**WORK INSTRUCTION**
Read through the entries below and copy each line where "units" turns up.

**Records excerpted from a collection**
--
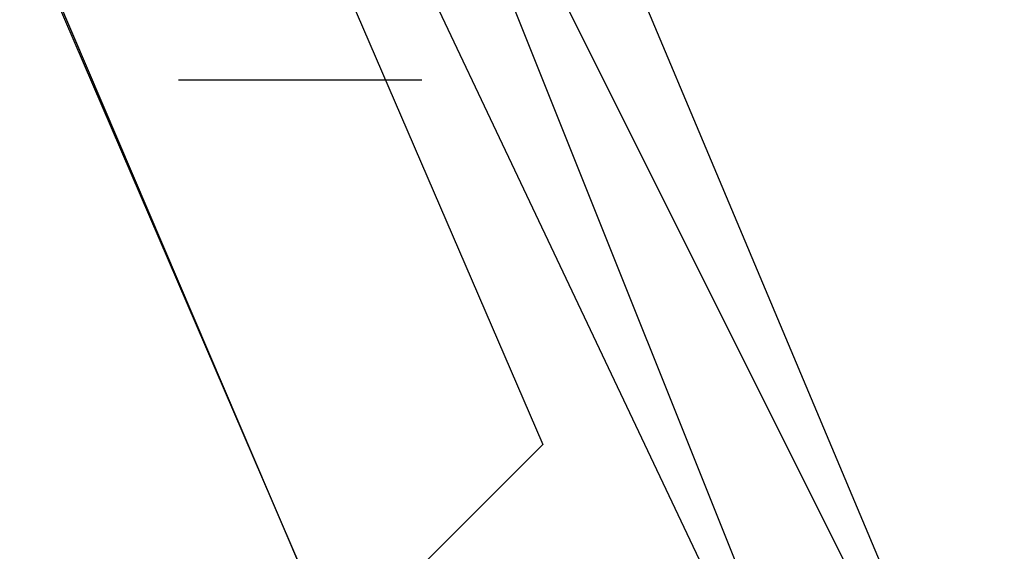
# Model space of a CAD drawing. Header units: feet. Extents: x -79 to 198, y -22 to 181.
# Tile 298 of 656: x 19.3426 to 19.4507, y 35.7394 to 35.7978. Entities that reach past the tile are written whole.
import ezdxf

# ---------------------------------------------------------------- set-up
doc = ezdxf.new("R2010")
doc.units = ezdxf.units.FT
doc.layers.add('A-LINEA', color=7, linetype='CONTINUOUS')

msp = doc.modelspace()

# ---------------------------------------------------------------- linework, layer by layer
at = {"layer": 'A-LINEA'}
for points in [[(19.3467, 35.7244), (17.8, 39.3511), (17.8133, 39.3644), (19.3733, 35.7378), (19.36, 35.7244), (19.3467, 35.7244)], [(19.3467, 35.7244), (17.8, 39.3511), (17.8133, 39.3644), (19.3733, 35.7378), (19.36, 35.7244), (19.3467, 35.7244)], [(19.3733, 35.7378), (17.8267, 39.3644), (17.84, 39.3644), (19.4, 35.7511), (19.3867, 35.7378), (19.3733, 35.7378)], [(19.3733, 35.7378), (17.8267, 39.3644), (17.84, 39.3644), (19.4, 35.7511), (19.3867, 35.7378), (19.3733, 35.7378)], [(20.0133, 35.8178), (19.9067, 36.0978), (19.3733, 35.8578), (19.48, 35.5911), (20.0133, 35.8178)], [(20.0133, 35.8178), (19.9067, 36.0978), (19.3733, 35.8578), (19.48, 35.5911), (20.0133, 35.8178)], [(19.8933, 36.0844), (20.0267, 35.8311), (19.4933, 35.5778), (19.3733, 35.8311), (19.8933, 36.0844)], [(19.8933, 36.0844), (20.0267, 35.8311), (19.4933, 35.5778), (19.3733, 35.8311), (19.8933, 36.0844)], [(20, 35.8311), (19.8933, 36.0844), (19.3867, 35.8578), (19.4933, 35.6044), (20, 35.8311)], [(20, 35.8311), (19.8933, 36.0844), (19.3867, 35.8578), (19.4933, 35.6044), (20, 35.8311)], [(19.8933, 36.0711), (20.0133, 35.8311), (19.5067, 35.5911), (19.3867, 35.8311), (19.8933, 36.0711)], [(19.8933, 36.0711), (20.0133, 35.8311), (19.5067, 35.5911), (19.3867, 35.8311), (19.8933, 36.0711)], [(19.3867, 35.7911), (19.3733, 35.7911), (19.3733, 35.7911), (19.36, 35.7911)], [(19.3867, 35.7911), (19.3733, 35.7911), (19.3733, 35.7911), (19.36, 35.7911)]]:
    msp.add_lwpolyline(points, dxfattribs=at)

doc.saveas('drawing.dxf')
--
**ANSWER**
# Model space of a CAD drawing. Header units: feet. Extents: x -79 to 198, y -22 to 181.
doc.units = ezdxf.units.FT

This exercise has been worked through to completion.